Work to complete: Check each line of the data below for the word "European", then extract the ones that have it.

Task input:
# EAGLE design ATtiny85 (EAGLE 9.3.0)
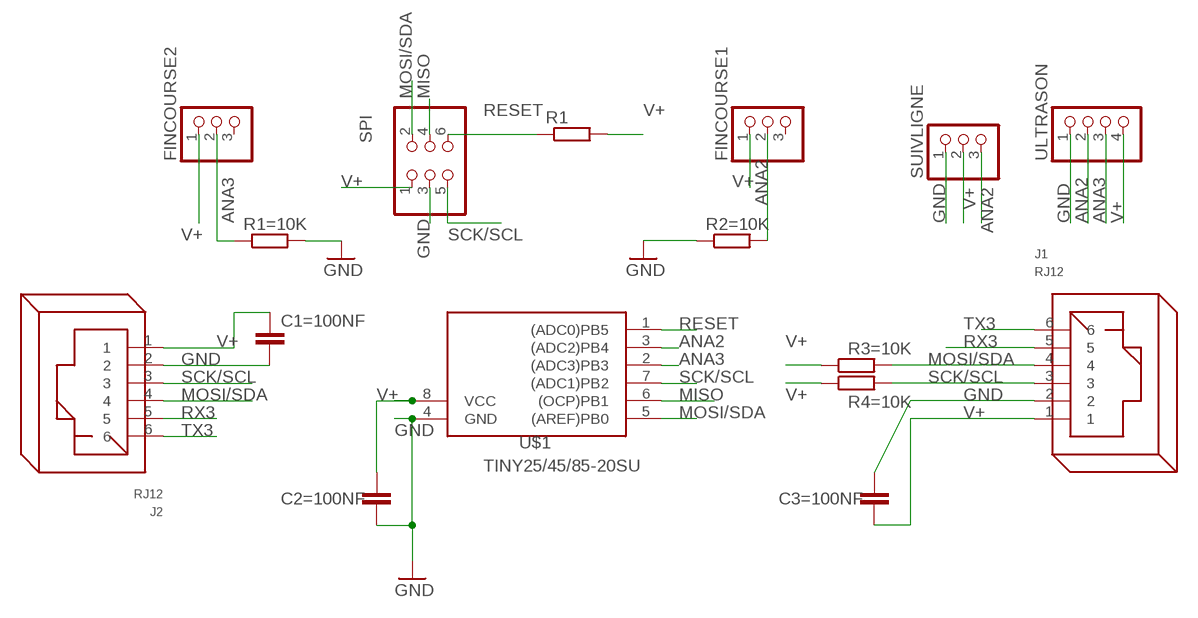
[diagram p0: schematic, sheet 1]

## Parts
C1=100NF  C-EUC1206  [C1206]
C2=100NF  C-EUC1206  [C1206]
C3=100NF  C-EUC1206  [C1206]
FINCOURSE1  PINHD-1X3  [1X03]
FINCOURSE2  PINHD-1X3  [1X03]
J1  RJ12  [RJ12]
J2  RJ12  [RJ12]
R1  R-EU_R1206  [R1206]
R1=10K  R-EU_R1206  [R1206]
R2=10K  R-EU_R1206  [R1206]
R3=10K  R-EU_R1206  [R1206]
R4=10K  R-EU_R1206  [R1206]
SPI  PINHD-2X3  [2X03]
SUIVLIGNE  PINHD-1X3  [1X03]
U$1  TINY25/45/85-20SU  [SOIC8]
ULTRASON  PINHD-1X4  [1X04]

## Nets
ANA2: FINCOURSE1.2 R2=10K.2 SUIVLIGNE.3 U$1.3((ADC2)PB4) ULTRASON.2
ANA3: FINCOURSE2.2 R1=10K.1 U$1.2((ADC3)PB3) ULTRASON.3
GND: C1=100NF.2 C2=100NF.2 C3=100NF.1 J1.2 J2.2 R1=10K.2 R2=10K.1 SPI.3 SUIVLIGNE.1 U$1.4(GND) ULTRASON.1
MISO: SPI.4 U$1.6((OCP)PB1)
MOSI/SDA: J1.4 J2.4 R3=10K.2 SPI.2 U$1.5((AREF)PB0)
RESET: R1.1 SPI.6 U$1.1((ADC0)PB5)
RX3: J1.5 J2.5
SCK/SCL: J1.3 J2.3 R4=10K.2 SPI.5 U$1.7((ADC1)PB2)
TX3: J1.6 J2.6
V+: C1=100NF.1 C2=100NF.1 C3=100NF.2 FINCOURSE1.1 FINCOURSE2.1 J1.1 J2.1 R1.2 R3=10K.1 R4=10K.1 SPI.1 SUIVLIGNE.2 U$1.8(VCC) ULTRASON.4
Unconnected: FINCOURSE1.3 FINCOURSE2.3

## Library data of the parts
C1=100NF C2=100NF C3=100NF = rcl:C-EU: CAPACITOR, European symbol; SPICEPREFIX: C
FINCOURSE1 FINCOURSE2 SUIVLIGNE = pinhead:PINHD-1X3: PIN HEADER
J1 J2 = con-rj:RJ12: RJ12, RJ14 and RJ25 RJ12, RJ14 and RJ25 jacks side mounted http://www.tycoelectronics.com
R1 R1=10K R2=10K R3=10K R4=10K = rcl:R-EU_: RESISTOR, European symbol; SPICEPREFIX: R
SPI = pinhead:PINHD-2X3: PIN HEADER
U$1 = avr-7:TINY25/45/85
ULTRASON = pinhead:PINHD-1X4: PIN HEADER

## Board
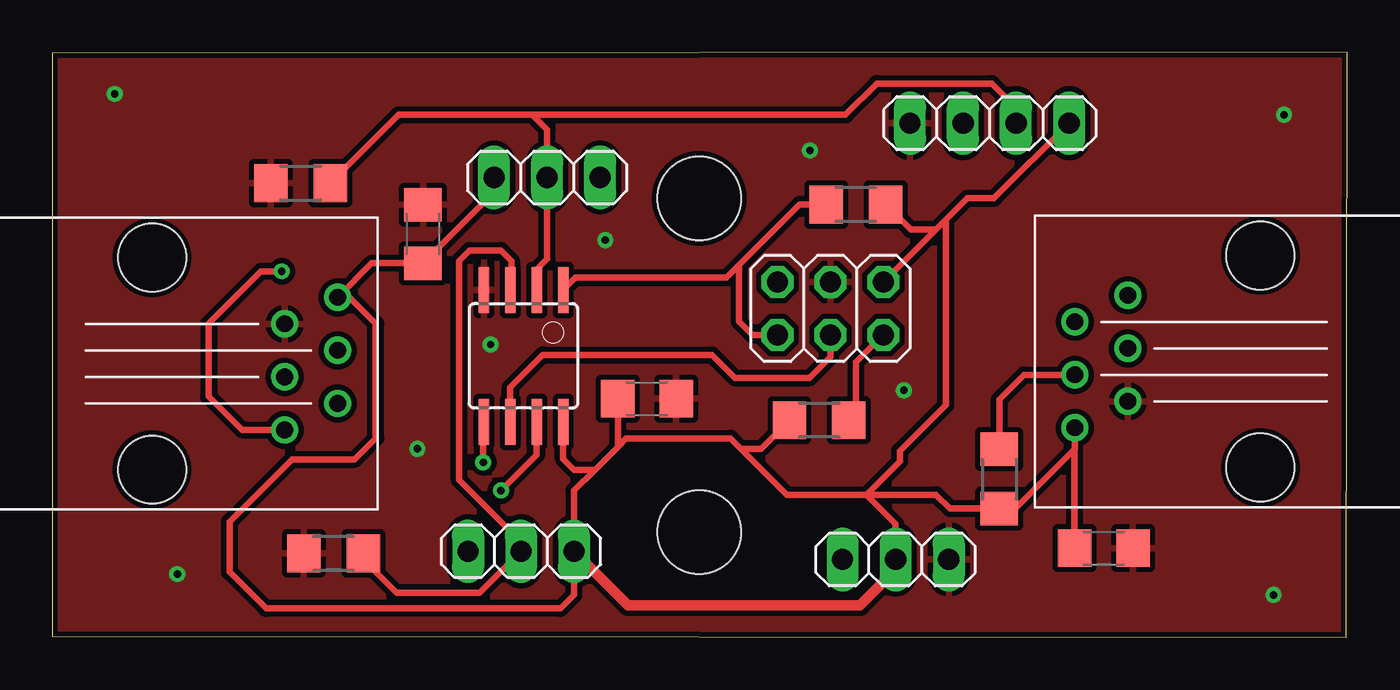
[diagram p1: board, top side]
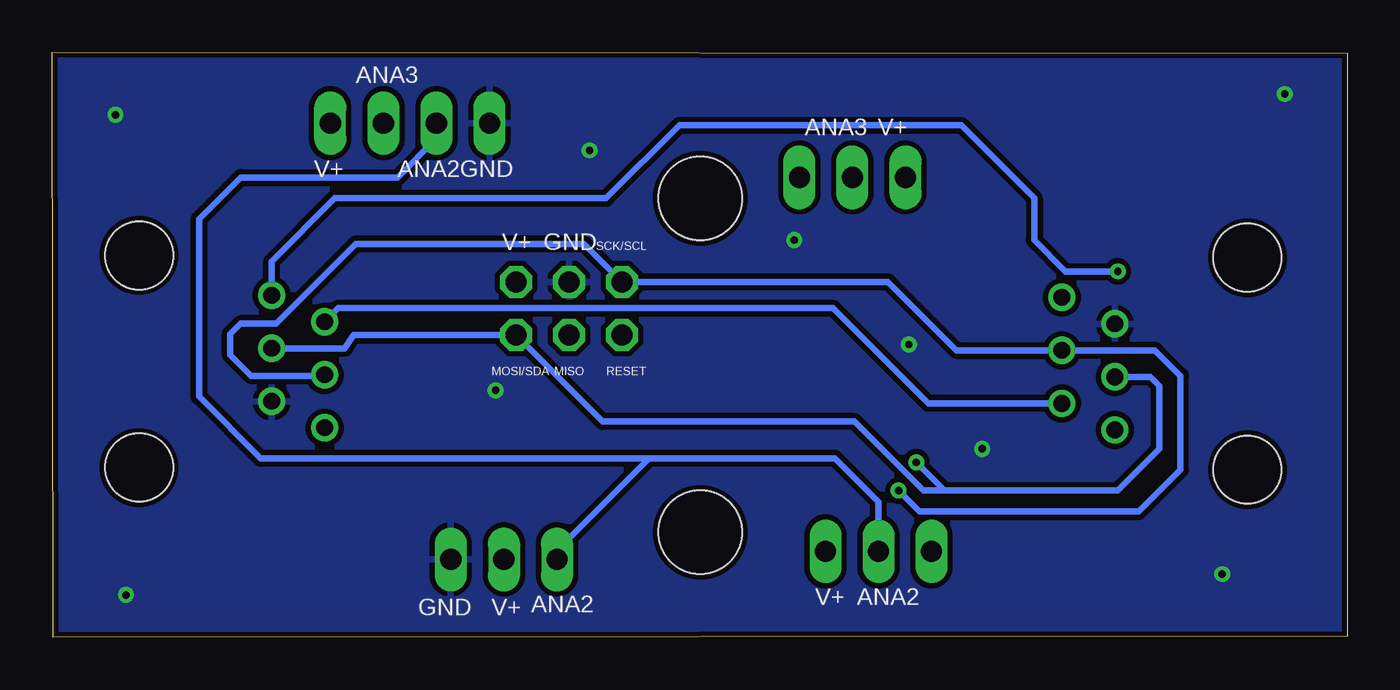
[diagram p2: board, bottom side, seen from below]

Size 62.02 x 28.04 mm. Coordinates in mm from the lower left corner, seen from the top.
Outline: 0,0.05 61.97,0 62.02,28.04 0,27.99 0,0.05
Copper layers (1*16): Top 0.035mm / dielectric 1.5mm / Bottom 0.035mm
Design rules "default *": minimum track width 6mil, minimum drill 0.35mm, track to track 8mil, track to pad 8mil, pad to pad 8mil, via to via 8mil, smd to smd 8mil, copper to edge 0.2mm, drill to drill 6mil, minimum pad ring 10mil, minimum via ring 8mil, stop-mask expansion 4mil, vias tented up to drill 0mil, thermal gap 10mil
Holes 4 mm at 30.99,5.04 30.99,21.04

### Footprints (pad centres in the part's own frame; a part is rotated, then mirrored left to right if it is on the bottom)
C1206 = smd 1.6 x 1.8: 1 -1.4,0; 2 1.4,0
1X03 = drill 1.016 long: 1 -2.54,0; 2 0,0; 3 2.54,0
RJ12 = drill 0.8: 1 -8.89,-3.175; 2 -6.35,-1.905; 3 -8.89,-0.635; 4 -6.35,0.635; 5 -8.89,1.905; 6 -6.35,3.175 | hole 3.25: 0,-5.08; 0,5.08
R1206 = smd 1.6 x 1.803: 1 -1.422,0; 2 1.422,0
2X03 = drill 1.016 octagon: 1 -2.54,-1.27; 2 -2.54,1.27; 3 0,-1.27; 4 0,1.27; 5 2.54,-1.27; 6 2.54,1.27
SOIC8 = smd 0.5 x 2.2: 1 -1.905,-3.154; 2 -0.645,-3.154; 3 0.625,-3.154; 4 1.895,-3.154; 5 1.905,3.154; 6 0.635,3.154; 7 -0.635,3.154; 8 -1.905,3.154
1X04 = drill 1.016 long: 1 -3.81,0; 2 -1.27,0; 3 1.27,0; 4 3.81,0

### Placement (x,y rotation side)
C1=100NF  50.36,4.28 0 top
C2=100NF  28.48,11.44 0 top
C3=100NF  17.75,19.33 270 top
FINCOURSE1  22.45,4.13 180 top
FINCOURSE2  23.7,22.04 0 top
J1  4.78,13.12 180 top
J2  57.86,13.22 0 top
R1  38.49,20.74 0 top
R1=10K  11.89,21.77 180 top
R2=10K  13.47,4.03 0 top
R3=10K  36.73,10.41 0 top
R4=10K  45.35,7.6 90 top
SPI  37.27,15.76 180 top
SUIVLIGNE  40.39,3.74 180 top
U$1  22.57,13.49 180 top
ULTRASON  44.89,24.64 0 top

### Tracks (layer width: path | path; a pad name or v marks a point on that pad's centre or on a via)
ANA2
  Top 0.305: U$1.3 21.99,16.69 21.99,18.04 21.49,18.54 19.99,18.54 19.49,18.04 19.49,7.54 22.45,4.58 FINCOURSE1.2 20.46,2.14 16.49,2.14 14.89,3.74 R2=10K.2
  Bottom 0.305: FINCOURSE1.2 22.45,6.5 24.54,8.59 33.43,8.59 | 33.43,8.59 37.85,4.17 SUIVLIGNE.3 | ULTRASON.2 43.62,23.91 45.49,22.04 52.99,22.04 54.99,20.04 54.99,11.54 52.04,8.59 33.43,8.59
ANA3
  Top 0.305: R1=10K.1 16.58,25.04 22.99,25.04 | 22.99,25.04 23.7,24.33 FINCOURSE2.2 23.7,18.13 23.21,17.64 U$1.2 | 22.99,25.04 37.99,25.04 39.49,26.54 44.99,26.54 46.16,25.37 ULTRASON.3
GND  (via drill 0.35)
  other vias: 5.99,3.04 17.49,9.04 20.99,14.04 36.29,23.34 58.99,25.04 58.49,2.04 2.99,26.04 26.49,19.04 40.79,11.84
  pour Bottom (isolate 0.254): 0.29,27.84 0.29,-0.16 61.99,-0.16 61.99,27.84
  pour Top (isolate 0.254): 0.29,28.04 0.29,-0.06 61.99,-0.06 61.99,28.04
MISO
  Top 0.305: U$1.6 21.93,11.98 23.49,13.54 31.59,13.54 32.69,12.44 36.27,12.44 37.27,13.44 SPI.4
MOSI/SDA  (via drill 0.35)
  Top 0.152: 20.74,10.19 U$1.5
  Top 0.305: v20.64,8.39 20.64,10.09 20.74,10.19 | R3=10K.2 38.49,10.75 38.49,13.19 39.79,14.49 SPI.2
  Bottom 0.305: J2.4 48.01,13.85 47.59,14.48 SPI.2 35.66,10.34 23.59,10.34 20.29,7.04 19.29,7.04 | v20.64,8.39 19.29,7.04 | 19.29,7.04 10.99,7.04 8.99,9.04 8.99,12.04 9.44,12.48 J1.4
RESET
  Top 0.305: U$1.1 25.07,17.24 32.29,17.24 32.89,17.84 | 32.89,17.84 32.89,15.14 33.54,14.49 SPI.6 | 32.89,17.84 35.79,20.74 R1.1
RX3
  Bottom 0.305: J1.5 20.07,11.21 24.63,15.77 48.32,15.77 J2.5
SCK/SCL  (via drill 0.35)
  Top 0.305: R4=10K.2 45.35,11.4 46.54,12.59 J2.3 | U$1.7 23.21,8.76 v21.49,7.04
  Bottom 0.305: J2.3 49.02,12.54 52.49,12.54 53.49,13.54 53.49,14.54 52.99,15.04 51.29,15.04 47.49,18.84 36.54,18.84 SPI.5 21.99,17.03 18.72,13.76 J1.3 9.21,13.76 7.99,12.54 7.99,8.04 9.99,6.04 20.49,6.04 v21.49,7.04
TX3  (via drill 0.35)
  Top 0.305: v10.99,17.54 9.99,17.54 7.49,15.04 7.49,11.54 9.09,9.95 J1.6
  Bottom 0.305: J2.6 51.51,18.02 48.49,21.04 35.49,21.04 31.99,24.54 18.49,24.54 14.99,21.04 14.99,19.04 13.49,17.54 v10.99,17.54
V+
  Top 0.305: 48.96,9.01 46.13,6.18 R4=10K.1 42.99,6.18 42.33,6.84 38.99,6.84 | 48.96,9.01 C1=100NF.1 | 42.79,20.01 42.79,11.14 40.59,8.94 40.59,8.44 38.99,6.84 | C2=100NF.1 27.09,9.14 | 25.99,8.04 24.99,8.04 24.48,8.55 U$1.8 | 25.99,8.04 27.09,9.14 | 25.99,8.04 24.99,7.04 FINCOURSE1.1 24.99,2.04 24.34,1.39 10.24,1.39 8.49,3.14 8.49,5.54 11.49,8.54 14.49,8.54 15.49,9.54 15.49,15.04 14.23,16.3 J1.1 15.3,17.93 C3=100NF.2 21.16,21.34 FINCOURSE2.1 | ULTRASON.4 45.1,21.04 43.82,21.04 42.79,20.01 | 32.99,9.04 35.19,6.84 38.99,6.84 | 48.96,9.01 48.97,9.02 J2.1 | R3=10K.1 33.94,9.04 32.99,9.04 | 38.99,6.84 40.39,5.44 SUIVLIGNE.2 | 42.32,19.54 42.79,20.01 | 42.32,19.54 41.11,19.54 R1.2 | SPI.1 42.32,19.54 | 27.09,9.14 27.49,9.54 32.49,9.54 32.99,9.04
  Top 0.508: FINCOURSE1.1 27.58,1.54 38.69,1.54 40.39,3.24 SUIVLIGNE.2

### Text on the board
bNames: ANA3 | V+ | ANA3 | GND | ANA2 | V+ | SCK/SCL | GND | V+ | RESET | MISO | MOSI/SDA | ANA2 | V+ | ANA2 | V+ | GND

Result of the task:
C1=100NF C2=100NF C3=100NF = rcl:C-EU: CAPACITOR, European symbol; SPICEPREFIX: C
R1 R1=10K R2=10K R3=10K R4=10K = rcl:R-EU_: RESISTOR, European symbol; SPICEPREFIX: R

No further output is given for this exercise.